# WORK REQUIRED
As the answer, give a copy of each line below that includes the word "slope".
━━━━━━━━━━
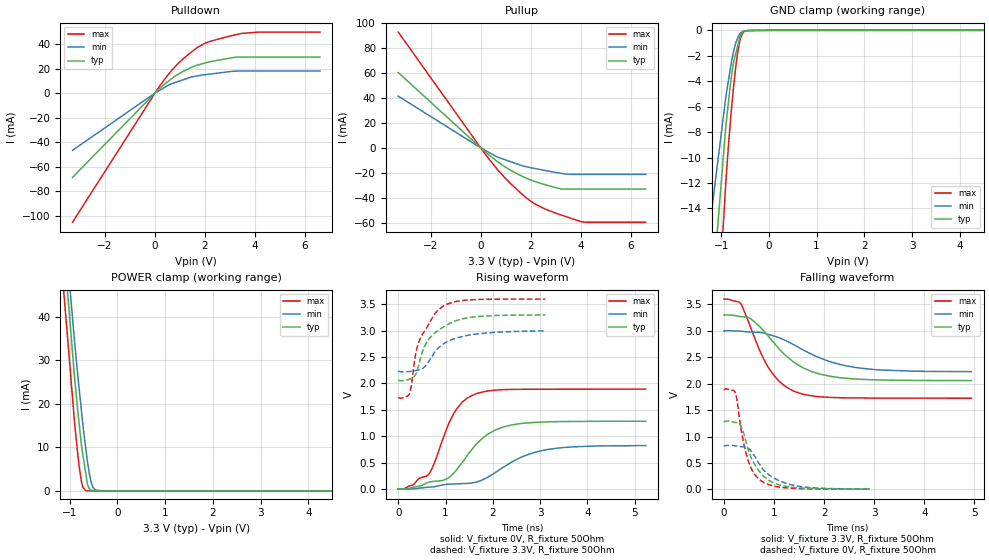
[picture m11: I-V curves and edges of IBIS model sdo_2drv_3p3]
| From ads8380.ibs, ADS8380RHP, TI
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|   sdo_2drv_3p3 Model
[Model]   sdo_2drv_3p3
Model_type   3-state
Polarity   Non-Inverting
Vmeas = 1.65
Vref = 1.65
Cref = 10pF
Rref = 50
|   typ   min   max
|   (nom PVT)   (fast PVT)   (slow PVT)
|C_comp from frequency sweep method (F=40MHz)
C_comp   5.373e-12   5.292e-12   5.471e-12
|ON state : BUFFER OUTPUT TURNED HIGH
|C_comp   5.373e-12   5.292e-12   5.471e-12
|OFF state: BUFFER IN HIGH IMPEDANCE
|C_comp   5.648e-12   5.537e-12   5.708e-12
|C_comp from LC tank measurement(L=1nH)
|Resonant Frequency(Hz)   3.960e+09   3.970e+09   3.900e+09
|C_comp   1.617e-12   1.609e-12   1.667e-12
|ON state : BUFFER OUTPUT TURNED HIGH
|Resonant Frequency(Hz)   3.960e+09   3.970e+09   3.900e+09
|C_comp   1.617e-12   1.609e-12   1.667e-12
|OFF state: BUFFER IN HIGH IMPEDANCE
|Resonant Frequency(Hz)   3.970e+09   3.990e+09   3.910e+09
|C_comp   1.609e-12   1.593e-12   1.659e-12
| Where nom  PVT is Nominal Process, 3.3V, 35C
|   Fast PVT is Strong Process,  3.6V, -40C
|   Slow PVT is Weak Process,   3V, 95C
[Voltage Range]   3.3   3   3.6
|Ambient Temperature   25   85   -40
|Junction Temperature
[Temperature Range]   35   95   -40
[Pullup Reference]   3.3   3   3.6
[Pulldown Reference]   0   0   0
[Power Clamp Reference]   3.3   3   3.6
[GND Clamp Reference]   0   0   0
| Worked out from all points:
|   slope of the pulldown table from 0 to 0.495 V, typ, clamps not added: 54.8 ohm
|   slope of the pullup table from 0 to 0.495 V, typ, clamps not added: 59.7 ohm
|   GND clamp passes 1 mA (typ) near -0.64 V on its own axis
|   POWER clamp passes 1 mA (typ) near -0.61 V on its own axis
|   falling waveform, V_fixture 3.3V, R_fixture 50Ohm: 20-80 % time 825ps typ, 1.08ns min, 582ps max; typ from 3.3 V to 2.06 V
|   rising waveform, V_fixture 0V, R_fixture 50Ohm: 20-80 % time 753ps typ, 1ns min, 527ps max; typ from 0 V to 1.28 V
|   rising waveform, V_fixture 3.3V, R_fixture 50Ohm: 20-80 % time 503ps typ, 551ps min, 410ps max; typ from 2.05 V to 3.3 V
|   falling waveform, V_fixture 0V, R_fixture 50Ohm: 20-80 % time 377ps typ, 500ps min, 267ps max; typ from 1.29 V to 0.004 V
[Pulldown]
|   Voltage   I(typ)   I(min)   I(max)
-3.3V     -68.58mA   -46.56mA   -105.1mA
208.8mV   4.11mA     2.527mA    6.379mA
633mV     11.3mA     7.445mA    17.64mA
939.6mV   15.49mA    9.557mA    24.39mA
1.464V    20.97mA    13.17mA    33.49mA
1.706V    22.82mA    14.05mA    37.32mA
2.203V    25.53mA    15.48mA    42.06mA
3.267V    29.34mA    17.92mA    47.69mA
3.449V    29.34mA    17.98mA    48.53mA
4.162V    29.34mA    17.99mA    49.65mA
6.6V      29.34mA    17.99mA    49.65mA
[GND Clamp]
|   Voltage   I(typ)   I(min)   I(max)
-3.3V     -300mA     -183.9mA   -660.5mA
-1.573V   -38.55mA   -27.45mA   -59mA
-1.224V   -22.44mA   -14.97mA   -32.48mA
-897.6mV  -7.374mA   -5.135mA   -11.71mA
-842.4mV  -5.499mA   -3.836mA   -8.853mA
-792mV    -3.869mA   -2.653mA   -6.546mA
-745.8mV  -2.607mA   -1.779mA   -4.695mA
-687.6mV  -1.73mA    -926.9uA   -2.685mA
-640.8mV  -1.025mA   -506uA     -1.451mA
-601.2mV  -429uA     -239.4uA   -723uA
-519mV    -57.29uA   -42.94uA   -108.9uA
6.6V      0A         0A         0A
[Pullup]
|   Voltage   I(typ)   I(min)   I(max)
-3.3V     60.17mA    41.29mA    92.47mA
18mV      -318.2uA   -221.2uA   -502.9uA
478.8mV   -8.039mA   -5.335mA   -12.67mA
702mV     -11.45mA   -7.642mA   -18.04mA
1.228V    -18.24mA   -11.29mA   -29.18mA
1.861V    -24.56mA   -15.28mA   -40.5mA
2.167V    -26.92mA   -16.51mA   -44.76mA
2.473V    -28.83mA   -17.69mA   -47.94mA
3.241V    -32.95mA   -20.45mA   -53.77mA
4.032V    -32.95mA   -21.18mA   -58.99mA
6.6V      -32.95mA   -21.18mA   -59.39mA
[POWER Clamp]
|   Voltage   I(typ)   I(min)   I(max)
-3.3V     597.5mA    489.1mA    865.1mA
-1.156V   60.55mA    67.18mA    49.96mA
-897.6mV  26.03mA    34.25mA    15.65mA
-824.4mV  17.75mA    25.92mA    7.74mA
-766.8mV  11.86mA    19.74mA    2.964mA
-720mV    7.952mA    14.91mA    731.1uA
-662.4mV  3.944mA    9.643mA    56.93uA
-627mV    1.481mA    6.651mA    11.79uA
-549mV    129uA      1.968mA    6.895uA
-510mV    73.36uA    791.2uA    4.446uA
-462mV    4.874uA    205uA      1.433uA
6.6V      0A         0A         0A
[Ramp]
R_load = 50
|   typ   min   max
dV/dt_r   0.773357/7.56731e-10   0.496661/1.00831e-09   1.1373/5.26054e-10
dV/dt_f   0.74753/8.29607e-10   0.466045/1.08848e-09   1.12625/5.83316e-10
[Falling Waveform]
V_fixture = 3.3V
V_fixture_min = 3V
V_fixture_max = 3.6V
R_fixture = 50Ohm
|   Time   V(typ)   V(min)   V(max)
0s        3.3V       3V         3.6V
342ps     3.268V     2.992V     3.504V
538ps     3.225V     2.976V     3.051V
742ps     3.052V     2.966V     2.568V
898ps     2.884V     2.928V     2.29V
1.132ns   2.629V     2.857V     2.022V
1.406ns   2.398V     2.73V      1.854V
1.92ns    2.18V      2.484V     1.752V
2.566ns   2.091V     2.316V     1.73V
4.94ns    2.058V     2.227V     1.725V
[Rising Waveform]
V_fixture = 0V
V_fixture_min = 0V
V_fixture_max = 0V
R_fixture = 50Ohm
|   Time   V(typ)   V(min)   V(max)
0s        3.488nV    7.586nV    3.033nV
642ps     129.8mV    36mV       278.4mV
760ps     147.3mV    44.99mV    482mV
942ps     165.3mV    80.22mV    944.7mV
1.16ns    289.3mV    97.3mV     1.406V
1.354ns   503.6mV    103.4mV    1.647V
1.642ns   841.2mV    130.7mV    1.804V
2.216ns   1.173V     409.4mV    1.882V
3.14ns    1.272V     746.8mV    1.89V
5.234ns   1.285V     824mV      1.893V
[Rising Waveform]
V_fixture = 3.3V
V_fixture_min = 3V
V_fixture_max = 3.6V
R_fixture = 50Ohm
|   Time   V(typ)   V(min)   V(max)
0s        2.054V     2.223V     1.723V
234ps     2.08V      2.226V     1.797V
276ps     2.093V     2.23V      1.951V
368ps     2.171V     2.245V     2.547V
450ps     2.401V     2.261V     2.818V
616ps     2.802V     2.374V     3.075V
786ps     2.964V     2.61V      3.333V
972ps     3.076V     2.759V     3.474V
1.674ns   3.265V     2.937V     3.589V
3.112ns   3.296V     2.994V     3.597V
[Falling Waveform]
V_fixture = 0V
V_fixture_min = 0V
V_fixture_max = 0V
R_fixture = 50Ohm
|   Time   V(typ)   V(min)   V(max)
0s        1.289V     828.3mV    1.896V
226ps     1.267V     824.3mV    1.838V
268ps     1.261V     818.6mV    1.639V
350ps     1.178V     808mV      1.088V
478ps     769mV      777.9mV    566.4mV
586ps     520.1mV    668.6mV    324.2mV
734ps     308.6mV    439.7mV    167.4mV
1.05ns    102mV      187.5mV    52.05mV
1.416ns   34.51mV    70.21mV    17.81mV
2.916ns   4.421mV    4.573mV    3.878mV
━━━━━━━━━━
# ANSWER SECTION
|   slope of the pulldown table from 0 to 0.495 V, typ, clamps not added: 54.8 ohm
|   slope of the pullup table from 0 to 0.495 V, typ, clamps not added: 59.7 ohm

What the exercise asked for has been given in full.